[Saved entries]
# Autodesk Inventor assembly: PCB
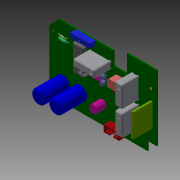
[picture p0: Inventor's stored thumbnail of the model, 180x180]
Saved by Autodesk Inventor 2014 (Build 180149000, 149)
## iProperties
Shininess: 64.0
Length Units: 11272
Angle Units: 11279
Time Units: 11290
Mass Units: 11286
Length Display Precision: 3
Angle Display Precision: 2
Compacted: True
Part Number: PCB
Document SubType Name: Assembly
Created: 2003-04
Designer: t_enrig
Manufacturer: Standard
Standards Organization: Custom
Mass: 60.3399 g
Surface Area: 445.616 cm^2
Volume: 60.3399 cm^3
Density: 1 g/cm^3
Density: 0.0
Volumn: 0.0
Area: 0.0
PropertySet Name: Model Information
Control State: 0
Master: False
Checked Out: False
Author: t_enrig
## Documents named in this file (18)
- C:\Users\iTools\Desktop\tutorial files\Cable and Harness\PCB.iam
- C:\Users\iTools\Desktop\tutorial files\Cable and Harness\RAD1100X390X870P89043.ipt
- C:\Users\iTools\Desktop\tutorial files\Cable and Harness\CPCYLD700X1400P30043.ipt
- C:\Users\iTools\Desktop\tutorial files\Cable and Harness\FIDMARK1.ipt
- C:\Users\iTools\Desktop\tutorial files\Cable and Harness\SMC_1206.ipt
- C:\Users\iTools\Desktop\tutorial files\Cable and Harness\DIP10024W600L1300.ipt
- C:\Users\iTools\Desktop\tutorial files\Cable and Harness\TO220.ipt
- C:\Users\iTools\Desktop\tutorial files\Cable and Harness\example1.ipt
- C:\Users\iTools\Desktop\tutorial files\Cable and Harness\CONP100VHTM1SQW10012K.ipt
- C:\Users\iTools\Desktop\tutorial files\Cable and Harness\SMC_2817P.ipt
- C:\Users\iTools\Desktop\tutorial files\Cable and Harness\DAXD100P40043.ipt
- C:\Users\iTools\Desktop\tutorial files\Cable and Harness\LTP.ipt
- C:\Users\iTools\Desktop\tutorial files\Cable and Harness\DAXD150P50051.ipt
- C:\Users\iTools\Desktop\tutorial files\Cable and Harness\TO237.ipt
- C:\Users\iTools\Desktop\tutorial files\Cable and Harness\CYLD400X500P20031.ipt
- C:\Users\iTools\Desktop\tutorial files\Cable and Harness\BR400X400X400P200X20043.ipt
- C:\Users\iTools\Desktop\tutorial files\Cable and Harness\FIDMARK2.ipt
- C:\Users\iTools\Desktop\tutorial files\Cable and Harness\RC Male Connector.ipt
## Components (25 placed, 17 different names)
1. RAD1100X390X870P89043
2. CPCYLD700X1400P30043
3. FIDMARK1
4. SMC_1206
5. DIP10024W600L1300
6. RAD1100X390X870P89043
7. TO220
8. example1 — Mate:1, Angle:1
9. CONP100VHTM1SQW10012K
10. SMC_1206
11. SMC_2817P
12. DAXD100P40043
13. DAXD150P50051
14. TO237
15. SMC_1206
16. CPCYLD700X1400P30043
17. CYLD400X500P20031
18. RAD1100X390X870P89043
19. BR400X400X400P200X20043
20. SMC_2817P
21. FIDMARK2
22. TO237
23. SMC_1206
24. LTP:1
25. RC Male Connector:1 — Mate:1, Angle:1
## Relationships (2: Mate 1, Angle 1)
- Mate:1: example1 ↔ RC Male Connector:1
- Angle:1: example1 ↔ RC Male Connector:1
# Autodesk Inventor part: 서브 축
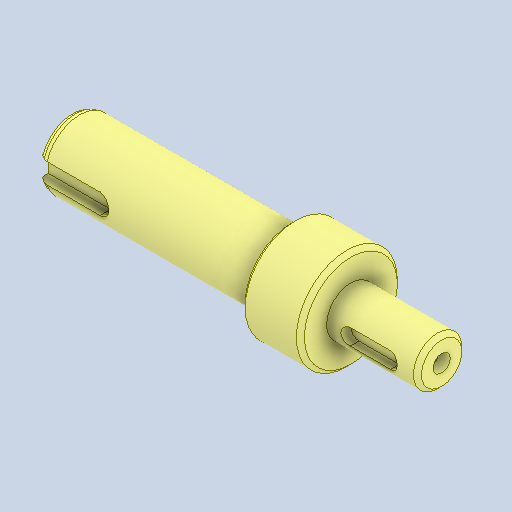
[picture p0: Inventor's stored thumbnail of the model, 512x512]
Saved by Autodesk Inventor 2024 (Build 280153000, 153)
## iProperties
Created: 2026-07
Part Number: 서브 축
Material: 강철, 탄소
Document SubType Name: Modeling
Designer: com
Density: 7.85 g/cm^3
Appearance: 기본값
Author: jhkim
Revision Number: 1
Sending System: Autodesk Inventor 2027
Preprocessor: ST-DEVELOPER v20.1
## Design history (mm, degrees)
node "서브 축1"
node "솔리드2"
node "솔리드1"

TASK BRIEF = Precisely those lines above that run from the line with "## Components (25 placed, 17 different names)" up to and including the line with "Saved by Autodesk Inventor 2024" are to be set down, with the pictures omitted.

TASK SOLUTION =
## Components (25 placed, 17 different names)
1. RAD1100X390X870P89043
2. CPCYLD700X1400P30043
3. FIDMARK1
4. SMC_1206
5. DIP10024W600L1300
6. RAD1100X390X870P89043
7. TO220
8. example1 — Mate:1, Angle:1
9. CONP100VHTM1SQW10012K
10. SMC_1206
11. SMC_2817P
12. DAXD100P40043
13. DAXD150P50051
14. TO237
15. SMC_1206
16. CPCYLD700X1400P30043
17. CYLD400X500P20031
18. RAD1100X390X870P89043
19. BR400X400X400P200X20043
20. SMC_2817P
21. FIDMARK2
22. TO237
23. SMC_1206
24. LTP:1
25. RC Male Connector:1 — Mate:1, Angle:1
## Relationships (2: Mate 1, Angle 1)
- Mate:1: example1 ↔ RC Male Connector:1
- Angle:1: example1 ↔ RC Male Connector:1
# Autodesk Inventor part: 서브 축
[picture p0: Inventor's stored thumbnail of the model, 512x512]
Saved by Autodesk Inventor 2024 (Build 280153000, 153)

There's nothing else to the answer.